クロウウィンと額縁の魔物 2
「それにしても、俗悪なあわいですね」
そう呟いたのは額縁の魔物。
黒いケープに燕尾服と、執事風の装いの手練れの詐欺師のような雰囲気を持つ魔物だ。
黒髪に刃物に宿る水色の輝きの瞳をしていて、ネアは、そんな魔物の言動に憤慨しかけて、この人は自分の嗜好や言動を変えられないという意味に於いては、ちくちくのセーターを投げ捨てる自分の同類なのだなと思って好感度を上げ直したところであった。
しかしなぜか、自分と同じように歪な思考回路の人物だとネアが納得しかけたことで、ウィリアムは冷やかな微笑みになってしまったし、ちびふわは先程からずっと肩の上でぎりぎりと爪を立てている。
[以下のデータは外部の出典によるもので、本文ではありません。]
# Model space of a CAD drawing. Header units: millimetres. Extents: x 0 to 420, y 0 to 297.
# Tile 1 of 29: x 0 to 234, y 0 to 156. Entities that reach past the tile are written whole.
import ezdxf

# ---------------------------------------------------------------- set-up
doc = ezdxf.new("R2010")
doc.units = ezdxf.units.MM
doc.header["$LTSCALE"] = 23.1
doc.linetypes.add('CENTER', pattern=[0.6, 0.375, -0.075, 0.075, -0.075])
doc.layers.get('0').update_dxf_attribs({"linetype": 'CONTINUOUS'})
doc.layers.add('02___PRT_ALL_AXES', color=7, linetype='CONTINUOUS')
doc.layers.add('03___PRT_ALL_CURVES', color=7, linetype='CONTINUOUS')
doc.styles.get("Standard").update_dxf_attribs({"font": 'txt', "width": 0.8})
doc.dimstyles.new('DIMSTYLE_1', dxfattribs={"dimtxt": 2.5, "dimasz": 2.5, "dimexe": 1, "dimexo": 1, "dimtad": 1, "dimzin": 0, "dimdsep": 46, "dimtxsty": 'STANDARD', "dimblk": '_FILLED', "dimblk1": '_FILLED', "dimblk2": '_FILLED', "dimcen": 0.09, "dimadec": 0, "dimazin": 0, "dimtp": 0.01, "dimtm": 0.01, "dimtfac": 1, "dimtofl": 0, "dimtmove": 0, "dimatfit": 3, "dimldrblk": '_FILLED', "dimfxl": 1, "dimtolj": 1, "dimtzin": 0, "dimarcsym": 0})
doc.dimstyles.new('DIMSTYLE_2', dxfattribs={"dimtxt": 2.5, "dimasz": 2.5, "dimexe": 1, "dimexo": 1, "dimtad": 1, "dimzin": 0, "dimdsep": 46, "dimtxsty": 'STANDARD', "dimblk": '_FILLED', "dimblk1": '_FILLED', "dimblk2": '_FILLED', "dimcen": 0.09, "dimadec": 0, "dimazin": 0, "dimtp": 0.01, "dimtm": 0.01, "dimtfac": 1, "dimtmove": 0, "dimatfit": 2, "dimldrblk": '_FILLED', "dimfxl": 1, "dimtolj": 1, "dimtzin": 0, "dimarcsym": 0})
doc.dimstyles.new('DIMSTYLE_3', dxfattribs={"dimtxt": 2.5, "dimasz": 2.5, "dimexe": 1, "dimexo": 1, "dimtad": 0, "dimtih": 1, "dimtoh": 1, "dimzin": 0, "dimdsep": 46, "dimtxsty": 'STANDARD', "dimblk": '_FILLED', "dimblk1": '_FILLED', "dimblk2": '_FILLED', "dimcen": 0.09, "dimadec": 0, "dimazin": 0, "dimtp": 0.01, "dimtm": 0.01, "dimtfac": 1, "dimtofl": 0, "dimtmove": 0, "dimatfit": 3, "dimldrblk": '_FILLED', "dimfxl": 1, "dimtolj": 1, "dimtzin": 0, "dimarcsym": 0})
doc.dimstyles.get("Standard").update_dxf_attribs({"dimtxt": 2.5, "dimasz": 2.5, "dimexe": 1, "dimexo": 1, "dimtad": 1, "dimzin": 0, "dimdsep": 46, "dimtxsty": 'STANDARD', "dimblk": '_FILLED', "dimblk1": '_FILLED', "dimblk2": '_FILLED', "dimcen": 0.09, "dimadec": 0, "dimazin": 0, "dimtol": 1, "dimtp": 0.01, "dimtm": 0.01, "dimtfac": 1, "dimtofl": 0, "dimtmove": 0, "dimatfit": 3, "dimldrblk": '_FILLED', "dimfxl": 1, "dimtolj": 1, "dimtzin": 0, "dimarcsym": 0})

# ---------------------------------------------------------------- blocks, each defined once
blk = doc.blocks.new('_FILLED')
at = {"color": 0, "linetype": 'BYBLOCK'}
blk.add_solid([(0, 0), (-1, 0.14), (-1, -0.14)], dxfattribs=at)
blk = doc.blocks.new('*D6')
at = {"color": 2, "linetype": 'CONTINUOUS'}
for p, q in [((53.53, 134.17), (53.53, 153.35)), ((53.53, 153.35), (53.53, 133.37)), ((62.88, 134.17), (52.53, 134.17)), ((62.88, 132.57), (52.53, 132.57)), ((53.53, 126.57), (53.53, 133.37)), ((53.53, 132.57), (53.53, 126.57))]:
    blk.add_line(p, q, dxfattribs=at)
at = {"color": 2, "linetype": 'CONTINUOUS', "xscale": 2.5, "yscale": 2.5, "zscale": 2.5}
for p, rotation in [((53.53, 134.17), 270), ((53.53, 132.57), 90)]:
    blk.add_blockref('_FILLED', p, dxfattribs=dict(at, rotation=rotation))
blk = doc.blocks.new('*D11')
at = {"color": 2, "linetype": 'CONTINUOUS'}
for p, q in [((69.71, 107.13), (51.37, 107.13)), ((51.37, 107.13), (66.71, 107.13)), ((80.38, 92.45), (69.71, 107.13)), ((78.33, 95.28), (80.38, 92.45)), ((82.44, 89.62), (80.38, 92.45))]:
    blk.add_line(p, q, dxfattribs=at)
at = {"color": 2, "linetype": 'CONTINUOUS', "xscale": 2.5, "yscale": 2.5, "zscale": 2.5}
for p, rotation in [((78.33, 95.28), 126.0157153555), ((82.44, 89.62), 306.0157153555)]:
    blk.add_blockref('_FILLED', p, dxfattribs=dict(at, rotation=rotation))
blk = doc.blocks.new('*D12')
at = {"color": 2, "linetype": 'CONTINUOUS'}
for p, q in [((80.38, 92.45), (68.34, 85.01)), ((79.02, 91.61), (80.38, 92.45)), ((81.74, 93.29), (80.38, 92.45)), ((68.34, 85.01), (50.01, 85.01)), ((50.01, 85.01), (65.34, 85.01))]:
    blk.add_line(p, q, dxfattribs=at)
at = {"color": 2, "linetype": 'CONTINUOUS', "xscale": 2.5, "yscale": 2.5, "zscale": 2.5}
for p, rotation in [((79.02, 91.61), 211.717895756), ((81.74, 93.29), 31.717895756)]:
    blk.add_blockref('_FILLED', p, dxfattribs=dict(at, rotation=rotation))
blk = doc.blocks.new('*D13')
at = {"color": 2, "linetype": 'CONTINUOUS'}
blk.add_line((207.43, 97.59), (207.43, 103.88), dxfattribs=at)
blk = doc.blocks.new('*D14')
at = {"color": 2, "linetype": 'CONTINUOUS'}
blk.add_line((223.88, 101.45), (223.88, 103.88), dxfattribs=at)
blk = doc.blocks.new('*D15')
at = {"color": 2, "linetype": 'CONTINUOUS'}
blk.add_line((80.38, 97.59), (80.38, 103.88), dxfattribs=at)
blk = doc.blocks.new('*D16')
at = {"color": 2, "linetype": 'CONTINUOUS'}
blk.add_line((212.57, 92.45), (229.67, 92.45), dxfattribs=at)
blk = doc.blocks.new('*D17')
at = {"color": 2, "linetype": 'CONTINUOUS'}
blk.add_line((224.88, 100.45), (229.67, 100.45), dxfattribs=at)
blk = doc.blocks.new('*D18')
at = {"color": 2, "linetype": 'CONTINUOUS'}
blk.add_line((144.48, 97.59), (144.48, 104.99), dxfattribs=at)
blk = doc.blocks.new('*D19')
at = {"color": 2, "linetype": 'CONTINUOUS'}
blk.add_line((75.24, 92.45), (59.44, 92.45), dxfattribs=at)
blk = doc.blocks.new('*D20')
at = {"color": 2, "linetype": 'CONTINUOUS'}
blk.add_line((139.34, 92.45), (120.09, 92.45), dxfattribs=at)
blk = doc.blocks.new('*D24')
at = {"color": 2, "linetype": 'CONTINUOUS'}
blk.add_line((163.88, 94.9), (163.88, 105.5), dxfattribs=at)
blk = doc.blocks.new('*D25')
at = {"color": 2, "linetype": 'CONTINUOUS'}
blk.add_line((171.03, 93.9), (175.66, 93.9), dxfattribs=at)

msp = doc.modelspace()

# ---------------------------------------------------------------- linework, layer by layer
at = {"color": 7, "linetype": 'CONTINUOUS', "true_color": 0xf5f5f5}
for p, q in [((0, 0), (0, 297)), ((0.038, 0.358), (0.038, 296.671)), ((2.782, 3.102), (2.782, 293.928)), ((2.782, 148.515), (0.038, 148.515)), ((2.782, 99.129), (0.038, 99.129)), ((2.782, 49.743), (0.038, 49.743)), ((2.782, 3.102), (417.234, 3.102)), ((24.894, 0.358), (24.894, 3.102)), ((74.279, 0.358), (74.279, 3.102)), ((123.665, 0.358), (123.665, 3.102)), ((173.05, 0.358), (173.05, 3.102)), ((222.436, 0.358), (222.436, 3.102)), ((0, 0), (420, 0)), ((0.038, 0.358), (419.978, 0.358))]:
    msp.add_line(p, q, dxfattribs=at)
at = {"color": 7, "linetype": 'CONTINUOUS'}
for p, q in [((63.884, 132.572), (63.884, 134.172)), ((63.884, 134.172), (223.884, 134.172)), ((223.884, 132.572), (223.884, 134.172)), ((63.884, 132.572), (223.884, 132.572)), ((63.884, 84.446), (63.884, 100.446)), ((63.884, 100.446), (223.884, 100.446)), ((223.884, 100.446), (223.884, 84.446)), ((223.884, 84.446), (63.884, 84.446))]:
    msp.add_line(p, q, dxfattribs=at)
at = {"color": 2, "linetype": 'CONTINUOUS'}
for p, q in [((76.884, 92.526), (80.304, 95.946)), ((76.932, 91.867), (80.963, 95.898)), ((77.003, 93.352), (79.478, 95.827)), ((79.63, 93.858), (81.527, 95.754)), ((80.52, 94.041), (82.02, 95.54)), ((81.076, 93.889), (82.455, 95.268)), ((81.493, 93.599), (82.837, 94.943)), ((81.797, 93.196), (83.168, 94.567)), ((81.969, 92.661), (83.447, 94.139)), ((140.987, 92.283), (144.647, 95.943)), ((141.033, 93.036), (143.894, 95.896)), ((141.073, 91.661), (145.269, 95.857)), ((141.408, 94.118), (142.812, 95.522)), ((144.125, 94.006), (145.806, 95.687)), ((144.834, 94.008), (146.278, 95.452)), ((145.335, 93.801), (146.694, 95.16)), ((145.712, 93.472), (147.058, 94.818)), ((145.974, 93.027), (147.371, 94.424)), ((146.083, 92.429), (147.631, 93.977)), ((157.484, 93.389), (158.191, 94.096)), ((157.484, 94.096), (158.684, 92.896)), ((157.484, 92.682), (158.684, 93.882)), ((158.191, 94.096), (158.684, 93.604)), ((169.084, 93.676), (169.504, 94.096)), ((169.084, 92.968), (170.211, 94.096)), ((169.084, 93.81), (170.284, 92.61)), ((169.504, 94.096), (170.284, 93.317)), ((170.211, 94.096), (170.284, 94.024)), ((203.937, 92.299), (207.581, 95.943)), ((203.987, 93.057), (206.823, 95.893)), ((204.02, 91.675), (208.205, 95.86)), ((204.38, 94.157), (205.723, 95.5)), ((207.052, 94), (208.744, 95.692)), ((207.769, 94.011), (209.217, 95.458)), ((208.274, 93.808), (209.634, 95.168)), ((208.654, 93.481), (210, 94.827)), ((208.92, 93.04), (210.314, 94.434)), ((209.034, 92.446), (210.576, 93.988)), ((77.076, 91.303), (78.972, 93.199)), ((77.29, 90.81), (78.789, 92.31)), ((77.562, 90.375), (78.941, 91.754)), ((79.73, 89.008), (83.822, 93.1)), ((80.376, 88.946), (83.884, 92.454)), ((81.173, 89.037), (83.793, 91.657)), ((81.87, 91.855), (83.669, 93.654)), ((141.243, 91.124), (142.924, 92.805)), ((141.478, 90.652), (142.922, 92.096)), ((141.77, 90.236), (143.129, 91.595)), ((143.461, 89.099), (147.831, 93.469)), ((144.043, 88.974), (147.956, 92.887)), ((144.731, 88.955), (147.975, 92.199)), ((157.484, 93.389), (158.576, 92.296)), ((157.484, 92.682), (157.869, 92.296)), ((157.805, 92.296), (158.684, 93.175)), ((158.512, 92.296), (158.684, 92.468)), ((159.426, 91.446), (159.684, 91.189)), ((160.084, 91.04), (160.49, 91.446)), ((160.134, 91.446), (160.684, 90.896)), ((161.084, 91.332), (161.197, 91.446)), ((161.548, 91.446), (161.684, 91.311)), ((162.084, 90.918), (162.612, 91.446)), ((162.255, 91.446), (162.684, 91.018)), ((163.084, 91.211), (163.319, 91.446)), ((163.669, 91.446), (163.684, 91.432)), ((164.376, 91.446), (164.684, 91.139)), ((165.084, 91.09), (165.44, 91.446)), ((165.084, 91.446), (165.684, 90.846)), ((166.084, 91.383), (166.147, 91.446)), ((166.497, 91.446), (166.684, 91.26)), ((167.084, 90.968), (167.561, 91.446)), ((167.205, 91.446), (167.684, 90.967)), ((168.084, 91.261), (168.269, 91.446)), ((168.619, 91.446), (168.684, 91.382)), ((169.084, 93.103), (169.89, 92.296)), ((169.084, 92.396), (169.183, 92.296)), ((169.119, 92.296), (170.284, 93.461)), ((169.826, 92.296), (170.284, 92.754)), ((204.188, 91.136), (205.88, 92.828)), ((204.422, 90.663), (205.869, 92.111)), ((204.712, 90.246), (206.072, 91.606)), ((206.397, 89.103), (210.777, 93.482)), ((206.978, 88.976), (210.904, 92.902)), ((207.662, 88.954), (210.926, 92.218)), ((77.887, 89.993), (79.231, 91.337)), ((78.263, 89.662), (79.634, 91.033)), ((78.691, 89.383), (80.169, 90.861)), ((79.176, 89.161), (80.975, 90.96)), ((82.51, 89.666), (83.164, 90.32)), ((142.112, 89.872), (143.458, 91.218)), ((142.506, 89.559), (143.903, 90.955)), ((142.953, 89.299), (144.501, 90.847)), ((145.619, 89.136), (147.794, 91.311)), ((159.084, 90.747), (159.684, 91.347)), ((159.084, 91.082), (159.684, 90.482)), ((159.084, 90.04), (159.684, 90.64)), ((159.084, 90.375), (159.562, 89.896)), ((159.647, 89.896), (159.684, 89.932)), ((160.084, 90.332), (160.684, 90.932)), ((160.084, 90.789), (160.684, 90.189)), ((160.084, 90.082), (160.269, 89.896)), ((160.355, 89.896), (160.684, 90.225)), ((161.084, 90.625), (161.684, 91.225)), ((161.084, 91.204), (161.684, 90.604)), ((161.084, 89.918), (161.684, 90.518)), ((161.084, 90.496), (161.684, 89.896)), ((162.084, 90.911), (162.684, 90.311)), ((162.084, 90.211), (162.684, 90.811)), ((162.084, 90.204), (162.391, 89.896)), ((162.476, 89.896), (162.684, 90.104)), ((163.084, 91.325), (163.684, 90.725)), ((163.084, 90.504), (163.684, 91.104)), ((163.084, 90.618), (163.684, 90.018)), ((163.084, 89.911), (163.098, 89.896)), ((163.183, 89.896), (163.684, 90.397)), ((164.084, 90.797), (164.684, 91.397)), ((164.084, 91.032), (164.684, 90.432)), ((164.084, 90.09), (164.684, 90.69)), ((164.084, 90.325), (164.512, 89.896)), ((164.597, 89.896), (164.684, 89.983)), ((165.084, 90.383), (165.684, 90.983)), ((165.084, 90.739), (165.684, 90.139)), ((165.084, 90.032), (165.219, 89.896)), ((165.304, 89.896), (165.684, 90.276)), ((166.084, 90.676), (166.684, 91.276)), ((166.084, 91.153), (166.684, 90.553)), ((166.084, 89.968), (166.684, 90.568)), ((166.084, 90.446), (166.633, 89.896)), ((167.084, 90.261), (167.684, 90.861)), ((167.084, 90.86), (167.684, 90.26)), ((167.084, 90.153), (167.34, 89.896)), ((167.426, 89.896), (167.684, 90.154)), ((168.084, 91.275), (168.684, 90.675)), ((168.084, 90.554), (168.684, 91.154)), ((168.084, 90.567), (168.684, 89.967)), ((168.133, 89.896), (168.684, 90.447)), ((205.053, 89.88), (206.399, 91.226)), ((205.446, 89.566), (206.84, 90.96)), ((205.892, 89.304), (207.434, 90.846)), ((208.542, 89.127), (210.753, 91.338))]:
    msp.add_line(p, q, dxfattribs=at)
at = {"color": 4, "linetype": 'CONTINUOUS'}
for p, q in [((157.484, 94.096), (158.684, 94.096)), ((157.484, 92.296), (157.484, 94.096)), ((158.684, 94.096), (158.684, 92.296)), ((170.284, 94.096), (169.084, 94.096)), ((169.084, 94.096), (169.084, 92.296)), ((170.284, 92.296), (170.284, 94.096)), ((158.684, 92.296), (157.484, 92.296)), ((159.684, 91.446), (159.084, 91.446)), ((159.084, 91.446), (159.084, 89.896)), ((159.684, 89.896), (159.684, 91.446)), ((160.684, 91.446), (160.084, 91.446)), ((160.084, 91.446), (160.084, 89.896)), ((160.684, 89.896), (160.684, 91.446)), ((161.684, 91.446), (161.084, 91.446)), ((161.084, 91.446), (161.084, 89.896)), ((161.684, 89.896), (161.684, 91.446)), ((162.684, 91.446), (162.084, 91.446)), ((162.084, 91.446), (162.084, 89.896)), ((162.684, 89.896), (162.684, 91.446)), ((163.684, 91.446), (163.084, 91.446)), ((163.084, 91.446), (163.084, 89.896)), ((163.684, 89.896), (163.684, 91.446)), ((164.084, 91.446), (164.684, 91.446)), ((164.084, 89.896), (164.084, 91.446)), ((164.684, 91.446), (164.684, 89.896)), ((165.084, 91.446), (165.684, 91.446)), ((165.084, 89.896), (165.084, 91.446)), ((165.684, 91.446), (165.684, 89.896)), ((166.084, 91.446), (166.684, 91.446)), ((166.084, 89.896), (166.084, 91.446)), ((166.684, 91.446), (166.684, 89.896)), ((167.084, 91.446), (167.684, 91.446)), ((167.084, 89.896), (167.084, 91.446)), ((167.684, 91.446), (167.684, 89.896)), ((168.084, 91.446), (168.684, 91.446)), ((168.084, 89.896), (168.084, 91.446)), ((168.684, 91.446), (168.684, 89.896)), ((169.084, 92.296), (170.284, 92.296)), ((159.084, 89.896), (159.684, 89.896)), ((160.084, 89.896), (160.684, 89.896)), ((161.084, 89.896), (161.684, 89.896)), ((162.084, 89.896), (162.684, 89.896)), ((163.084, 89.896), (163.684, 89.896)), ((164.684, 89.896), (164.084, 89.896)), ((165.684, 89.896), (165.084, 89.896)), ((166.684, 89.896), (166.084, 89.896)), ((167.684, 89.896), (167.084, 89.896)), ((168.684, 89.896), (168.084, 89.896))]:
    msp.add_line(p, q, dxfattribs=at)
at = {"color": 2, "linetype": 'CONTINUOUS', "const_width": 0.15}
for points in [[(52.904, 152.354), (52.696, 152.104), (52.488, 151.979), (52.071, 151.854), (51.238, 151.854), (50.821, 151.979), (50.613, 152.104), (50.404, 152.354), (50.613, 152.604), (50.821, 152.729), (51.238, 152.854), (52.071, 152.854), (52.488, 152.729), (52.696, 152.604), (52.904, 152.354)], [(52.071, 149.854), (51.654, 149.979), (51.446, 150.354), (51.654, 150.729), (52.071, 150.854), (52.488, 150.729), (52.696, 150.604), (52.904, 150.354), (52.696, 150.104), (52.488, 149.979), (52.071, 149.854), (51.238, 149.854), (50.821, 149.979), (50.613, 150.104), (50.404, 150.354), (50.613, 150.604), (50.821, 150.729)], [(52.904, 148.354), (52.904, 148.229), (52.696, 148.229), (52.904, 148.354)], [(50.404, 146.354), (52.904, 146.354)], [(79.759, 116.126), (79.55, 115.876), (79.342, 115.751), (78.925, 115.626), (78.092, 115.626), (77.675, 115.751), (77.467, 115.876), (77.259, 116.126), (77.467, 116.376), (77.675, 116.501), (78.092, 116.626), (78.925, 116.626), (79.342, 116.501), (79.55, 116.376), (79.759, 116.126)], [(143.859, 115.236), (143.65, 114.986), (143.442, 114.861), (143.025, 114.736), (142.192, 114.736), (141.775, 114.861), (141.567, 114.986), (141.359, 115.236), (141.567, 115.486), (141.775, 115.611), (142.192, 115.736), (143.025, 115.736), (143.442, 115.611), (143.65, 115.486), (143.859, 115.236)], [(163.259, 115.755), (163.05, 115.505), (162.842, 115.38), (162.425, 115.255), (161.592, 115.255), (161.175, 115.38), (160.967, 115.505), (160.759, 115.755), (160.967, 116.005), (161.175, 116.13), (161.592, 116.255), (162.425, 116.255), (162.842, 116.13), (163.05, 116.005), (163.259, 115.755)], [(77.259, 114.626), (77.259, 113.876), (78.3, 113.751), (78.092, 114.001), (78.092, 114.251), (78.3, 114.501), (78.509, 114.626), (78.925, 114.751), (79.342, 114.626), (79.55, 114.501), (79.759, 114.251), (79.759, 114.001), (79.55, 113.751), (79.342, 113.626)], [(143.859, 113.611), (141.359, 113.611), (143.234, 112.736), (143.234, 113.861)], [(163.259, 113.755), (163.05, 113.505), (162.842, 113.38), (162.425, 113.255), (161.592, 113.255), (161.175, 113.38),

「ここは、まるで絵の中にいるようですね。とても写実的なのに、ところどころに筆の痕があります………」
「恐らくはそれが隠し絵の魔物の固有魔術の一端なのでしょうね。どこかのあわいと繋ぎ合わせ、そこにあわいの風景を移植しているようですが、………………繋ぎ目が滑らかではない。醜悪ですね」
「……………この風景は、どこかで見たことがある気がするんだがな…………」
そう呟いたのはウィリアムで、現在は砂色の髪の男性に擬態している。
深い琥珀色の瞳にはどこか人ならざるものらしい奥深さがあり、十人の人が居ればその十人に紛れてしまいそうな擬態の容姿作りは相変わらずだが、そこに更に、ノアが術式を整えて完全に人間の気配しかしないように覆いをかけて完璧な擬態としてあった。
終焉の系譜は、その刃を振り下ろす瞬間までは、雑踏に紛れるものなのだそうだ。
だからウィリアムは、凄艶な美貌でありながらどこか印象を薄めることも出来るようで、ネアも出会ったばかりの頃は、その身に持つ白の多さを意識しながらも、まさか魔物の第二席だとは思わなかった。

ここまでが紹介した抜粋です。